Back to Basics

There were some rumblings when it closed. There were some rumblings when it re-opened. People fear change; it’s true. But fear not. Bodega is back, and it’s singing an all-new tune.

Bodega has been a fixture at its Short North spot for nearly a decade. It was responsible for some fine institutions: dollar grilled cheese Mondays, teamtim trivia Sundays, a very well curated beer menu, and – within the last couple years – delicious, dynamic food coming out of the kitchen.

Some elements remain. There is still a strong focus on craft beer (albeit more Ohio-centric than in years past). There is still trivia on Sunday nights. There is still food coming out of the kitchen.

The clear goal of Bodega’s re-imagining is to shed the restaurant-versus-bar confusion and be undeniably bar first, restaurant last.

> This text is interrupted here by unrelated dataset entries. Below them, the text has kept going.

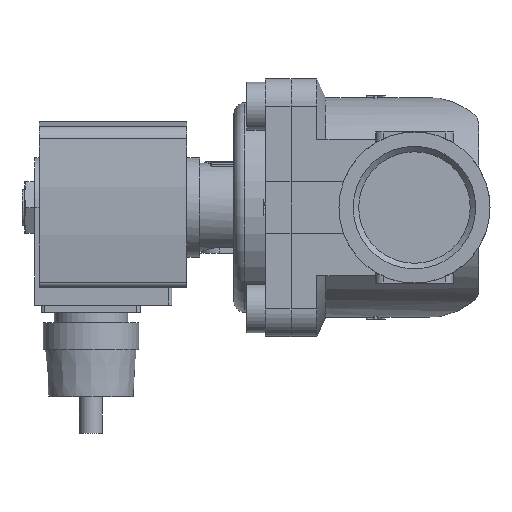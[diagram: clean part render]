
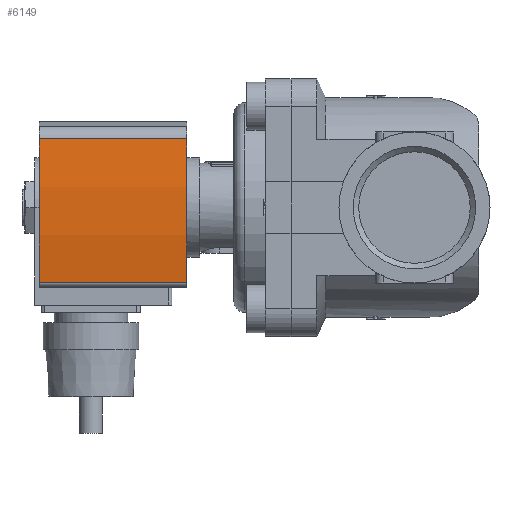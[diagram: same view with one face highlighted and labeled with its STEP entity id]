
A CAD part, left-side view. The second image highlights one B-rep face of the part: STEP entity #6149.
In plain terms, the highlighted cylindrical face has radius 130 mm (diameter 260 mm), a partial arc.
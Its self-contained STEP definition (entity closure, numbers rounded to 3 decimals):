
#220=CYLINDRICAL_SURFACE('',#6667,130.);
#658=LINE('',#9895,#1116);
#659=LINE('',#9899,#1117);
#1116=VECTOR('',#8083,1000.);
#1117=VECTOR('',#8088,1000.);
#2486=ORIENTED_EDGE('',*,*,#3357,.T.);
#2487=ORIENTED_EDGE('',*,*,#3358,.F.);
#2488=ORIENTED_EDGE('',*,*,#3346,.F.);
#2489=ORIENTED_EDGE('',*,*,#3356,.T.);
#3346=EDGE_CURVE('',#3892,#3893,#4117,.T.);
#3356=EDGE_CURVE('',#3892,#3899,#658,.T.);
#3357=EDGE_CURVE('',#3899,#3900,#4125,.T.);
#3358=EDGE_CURVE('',#3893,#3900,#659,.T.);
#3892=VERTEX_POINT('',#9875);
#3893=VERTEX_POINT('',#9877);
#3899=VERTEX_POINT('',#9894);
#3900=VERTEX_POINT('',#9898);
#4117=CIRCLE('',#6657,130.);
#4125=CIRCLE('',#6668,130.);
#4431=EDGE_LOOP('',(#2486,#2487,#2488,#2489));
#4763=FACE_BOUND('',#4431,.T.);
#6149=ADVANCED_FACE('',(#4763),#220,.T.);
#6657=AXIS2_PLACEMENT_3D('',#9876,#8061,#8062);
#6667=AXIS2_PLACEMENT_3D('',#9896,#8084,#8085);
#6668=AXIS2_PLACEMENT_3D('',#9897,#8086,#8087);
#8061=DIRECTION('',(0.,1.,0.));
#8062=DIRECTION('',(1.,0.,0.));
#8083=DIRECTION('',(0.,-1.,0.));
#8084=DIRECTION('',(0.,-1.,0.));
#8085=DIRECTION('',(0.,0.,-1.));
#8086=DIRECTION('',(0.,1.,0.));
#8087=DIRECTION('',(1.,0.,0.));
#8088=DIRECTION('',(0.,-1.,0.));
#9875=CARTESIAN_POINT('',(-20.382,14.,18.392));
#9876=CARTESIAN_POINT('',(0.,14.,-110.));
#9877=CARTESIAN_POINT('',(18.639,14.,18.657));
#9894=CARTESIAN_POINT('',(-20.382,-26.,18.392));
#9895=CARTESIAN_POINT('',(-20.382,14.,18.392));
#9896=CARTESIAN_POINT('',(0.,14.,-110.));
#9897=CARTESIAN_POINT('',(0.,-26.,-110.));
#9898=CARTESIAN_POINT('',(18.639,-26.,18.657));
#9899=CARTESIAN_POINT('',(18.639,14.,18.657));
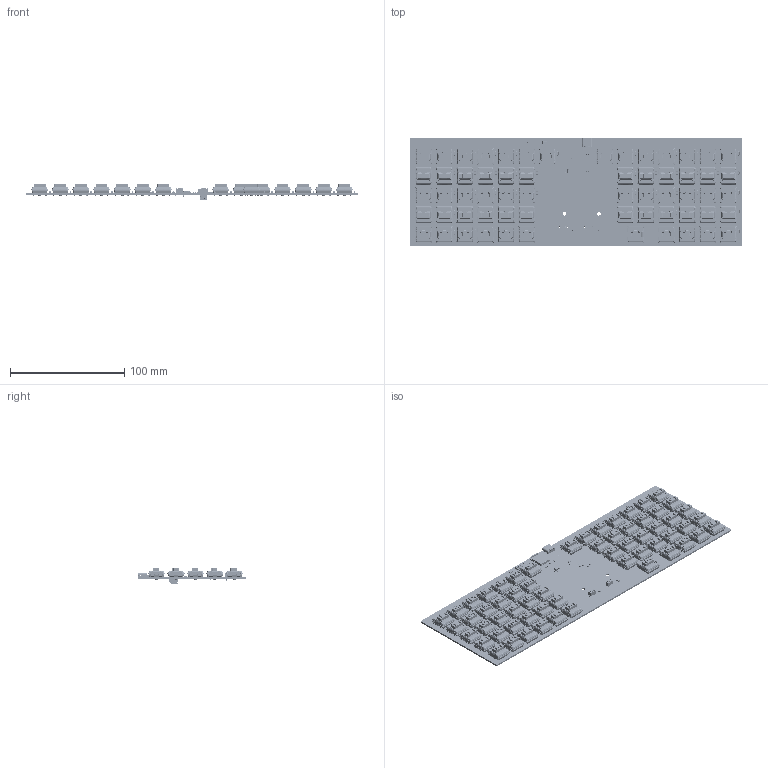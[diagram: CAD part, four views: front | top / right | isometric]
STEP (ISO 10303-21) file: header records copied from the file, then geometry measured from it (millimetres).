
FILE_DESCRIPTION(('KiCad electronic assembly'),'2;1');
FILE_NAME('CyberdeckKeyboard.step','2026-08-19T04:10:22',('Pcbnew'),( 'Kicad'),'Open CASCADE STEP processor 7.8','KiCad to STEP converter' ,'Unknown');
FILE_SCHEMA(('AUTOMOTIVE_DESIGN { 1 0 10303 214 1 1 1 1 }'));
Length unit declared in the file: millimetre
Products named in the file (14): CyberdeckKeyboard 1; Diode_SOD-123; Choc_V1; USB_C_Receptacle_GCT_USB4105-xx-A_16P_TopMnt_Horizontal; SW_PUSH_1P1T_6x3.5mm_H4.3_APEM_MJTP1243; R_0603_1608Metric; C_0603_1608Metric; Raytac_MDBT50Q; SOT-23-5; LED_1206_3216Metric; L_0603_1608Metric; SW_SPST_CK_RS282G05A3; JST_PH_S2B-PH-K_1x02_P2.00mm_Horizontal; CyberdeckKeyboard_PCB
Assembly tree (155 placements, depth 2):
  CyberdeckKeyboard 1
    Diode_SOD-123  x63
    Choc_V1  x61
    USB_C_Receptacle_GCT_USB4105-xx-A_16P_TopMnt_Horizontal
    SW_PUSH_1P1T_6x3.5mm_H4.3_APEM_MJTP1243  x2
    R_0603_1608Metric  x10
    C_0603_1608Metric  x10
    Raytac_MDBT50Q
    SOT-23-5
    LED_1206_3216Metric  x2
    L_0603_1608Metric
    SW_SPST_CK_RS282G05A3
    JST_PH_S2B-PH-K_1x02_P2.00mm_Horizontal
    CyberdeckKeyboard_PCB
Bounding box: 290 x 94 x 14.58 mm (x, y, z)
Volume: 96874.5 mm3; surface area: 153871.9 mm2
Topology: 437 solids, 437 shells, 36689 faces, 96958 edges, 61464 vertices
Faces by surface type: plane 18590, bspline 16729, cylinder 1346, sphere 16, cone 8
Full cylindrical faces by diameter (mm): 0.5 x2, 0.65 x2, 0.75 x2, 1.2 x122, 1.3 x4, 1.6 x61, 1.9 x122, 3.2 x2, 5.05 x61
Entity records: 84521 total; most frequent: CARTESIAN_POINT 17007, ORIENTED_EDGE 11608, DIRECTION 9780, EDGE_CURVE 5804, VERTEX_POINT 3738, AXIS2_PLACEMENT_3D 3331, LINE 3118, VECTOR 3118

Forty-seven draft handles now adorn the north wall, and the middle of the space has been cleared of tables and other obstructions to make room for the longer, more accommodating bar. High-top tables with stools hug up the other side where the bar used to be, allowing patrons to sit or stand and enjoy their brews.

Some dining-room seating is still present, mostly by the windows facing the street, but the concept of a (somewhat) quiet sit-down meal is a thing of the past.

Before former executive chef and part-time ninja Marcus Meacham moved on to a new opportunity at Powell’s recent addition, Kraft House No. 5, he spent months pushing the boundaries of Bodega’s menu, from Benton’s bacon to blue corn grits, from the Bombay Burger to some pretty baller beignets. Pork trotter hot wings. Cold-smoked lobster rolls. Perhaps it was too much. Perhaps he gilded the lily.

Whatever the case, Meacham has a new canvas, and Bodega has a new direction for its food. Taking inspiration from the Brooklyn phenomenon Pies ‘n’ Thighs, the kitchen now specializes in Meacham’s final contribution: in-house smoked chicken, grilled or deep fried, and a selection of soulful sides. Quick and easy. But also pretty damn tasty.

There are a couple salads, too, for those who don’t care to use their fingers. Kale with bourbon-drenched golden raisins and blue cheese; Romaine with the same smoked chicken, kiln-dried cherries, roasted corn, and white cheddar. Make no mistake, though: the chicken is the star.

The smokiness sets it apart. The breading is crisp and flavorful. And, if you’re so inclined, a dousing of Bodega’s own hot sauce makes it all pop.

The old adage, “Don’t mess with success,” has merit, but it takes moxie to do it. There have been a lot of restaurants that refused to change, that never tried anything new. Some of them disappeared. Some turned into Paneras. Bodega might not be what it was, but what it is works. Good beer, good food. Hard to argue with that. •


Bodega (1044 High St.) may have done away with the beloved grilled cheese, but the happy hour still sits in the upper level of reduced-price revelry, with any of the 50 taps half-off from 4 – 8 p.m., Monday through Friday.